--- Exercise data Enclosed Below ---
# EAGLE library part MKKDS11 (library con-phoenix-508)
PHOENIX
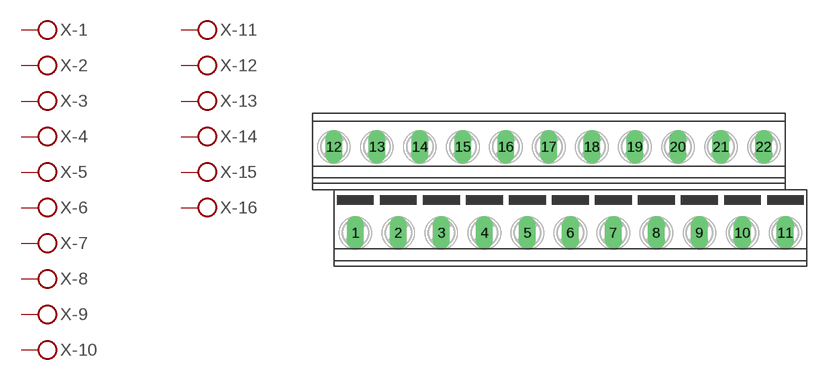
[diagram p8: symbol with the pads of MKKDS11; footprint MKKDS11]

Designator prefix X; gates -1=KL -2=KL -3=KL -4=KL -5=KL -6=KL -7=KL -8=KL -9=KL -10=KL -11=KL -12=KL -13=KL -14=KL -15=KL -16=KL -17=KL -18=KL -19=KL -20=KL -21=KL -22=KLV

## MKKDS11 (OC_FARNELL: unknown; OC_NEWARK: unknown)  [MKKDS11]
1  -1:KL  pas
2  -2:KL  pas
3  -3:KL  pas
4  -4:KL  pas
5  -5:KL  pas
6  -6:KL  pas
7  -7:KL  pas
8  -8:KL  pas
9  -9:KL  pas
10  -10:KL  pas
11  -11:KL  pas
12  -12:KL  pas
13  -13:KL  pas
14  -14:KL  pas
15  -15:KL  pas
16  -16:KL  pas
17  -17:KL  pas
18  -18:KL  pas
19  -19:KL  pas
20  -20:KL  pas
21  -21:KL  pas
22  -22:KL  pas

## Footprint MKKDS11 (pad centres in mm)
PHOENIX MKKDSN 1,5/ 8-5,08 Source: http://eshop.phoenixcontact.com .. 1726202.pdf
drill 1.321 long: 1 -24.13,-5.08; 2 -19.05,-5.08; 3 -13.97,-5.08; 4 -8.89,-5.08; 5 -3.81,-5.08; 6 1.27,-5.08; 7 6.35,-5.08; 8 11.43,-5.08; 9 16.51,-5.08; 10 21.59,-5.08; 11 26.67,-5.08; 12 -26.67,5.08; 13 -21.59,5.08; 14 -16.51,5.08; 15 -11.43,5.08; 16 -6.35,5.08; 17 -1.27,5.08; 18 3.81,5.08; 19 8.89,5.08; 20 13.97,5.08; 21 19.05,5.08; 22 24.13,5.08
--- End of Enclosed Exercise data ---
◆ Task description ◆
Leave out the pictures and set down everything else in the entries above exactly.

◆ Task answer ◆
# EAGLE library part MKKDS11 (library con-phoenix-508)
PHOENIX
[diagram p8: symbol with the pads of MKKDS11; footprint MKKDS11]

Designator prefix X; gates -1=KL -2=KL -3=KL -4=KL -5=KL -6=KL -7=KL -8=KL -9=KL -10=KL -11=KL -12=KL -13=KL -14=KL -15=KL -16=KL -17=KL -18=KL -19=KL -20=KL -21=KL -22=KLV

## MKKDS11 (OC_FARNELL: unknown; OC_NEWARK: unknown)  [MKKDS11]
1  -1:KL  pas
2  -2:KL  pas
3  -3:KL  pas
4  -4:KL  pas
5  -5:KL  pas
6  -6:KL  pas
7  -7:KL  pas
8  -8:KL  pas
9  -9:KL  pas
10  -10:KL  pas
11  -11:KL  pas
12  -12:KL  pas
13  -13:KL  pas
14  -14:KL  pas
15  -15:KL  pas
16  -16:KL  pas
17  -17:KL  pas
18  -18:KL  pas
19  -19:KL  pas
20  -20:KL  pas
21  -21:KL  pas
22  -22:KL  pas

## Footprint MKKDS11 (pad centres in mm)
PHOENIX MKKDSN 1,5/ 8-5,08 Source: http://eshop.phoenixcontact.com .. 1726202.pdf
drill 1.321 long: 1 -24.13,-5.08; 2 -19.05,-5.08; 3 -13.97,-5.08; 4 -8.89,-5.08; 5 -3.81,-5.08; 6 1.27,-5.08; 7 6.35,-5.08; 8 11.43,-5.08; 9 16.51,-5.08; 10 21.59,-5.08; 11 26.67,-5.08; 12 -26.67,5.08; 13 -21.59,5.08; 14 -16.51,5.08; 15 -11.43,5.08; 16 -6.35,5.08; 17 -1.27,5.08; 18 3.81,5.08; 19 8.89,5.08; 20 13.97,5.08; 21 19.05,5.08; 22 24.13,5.08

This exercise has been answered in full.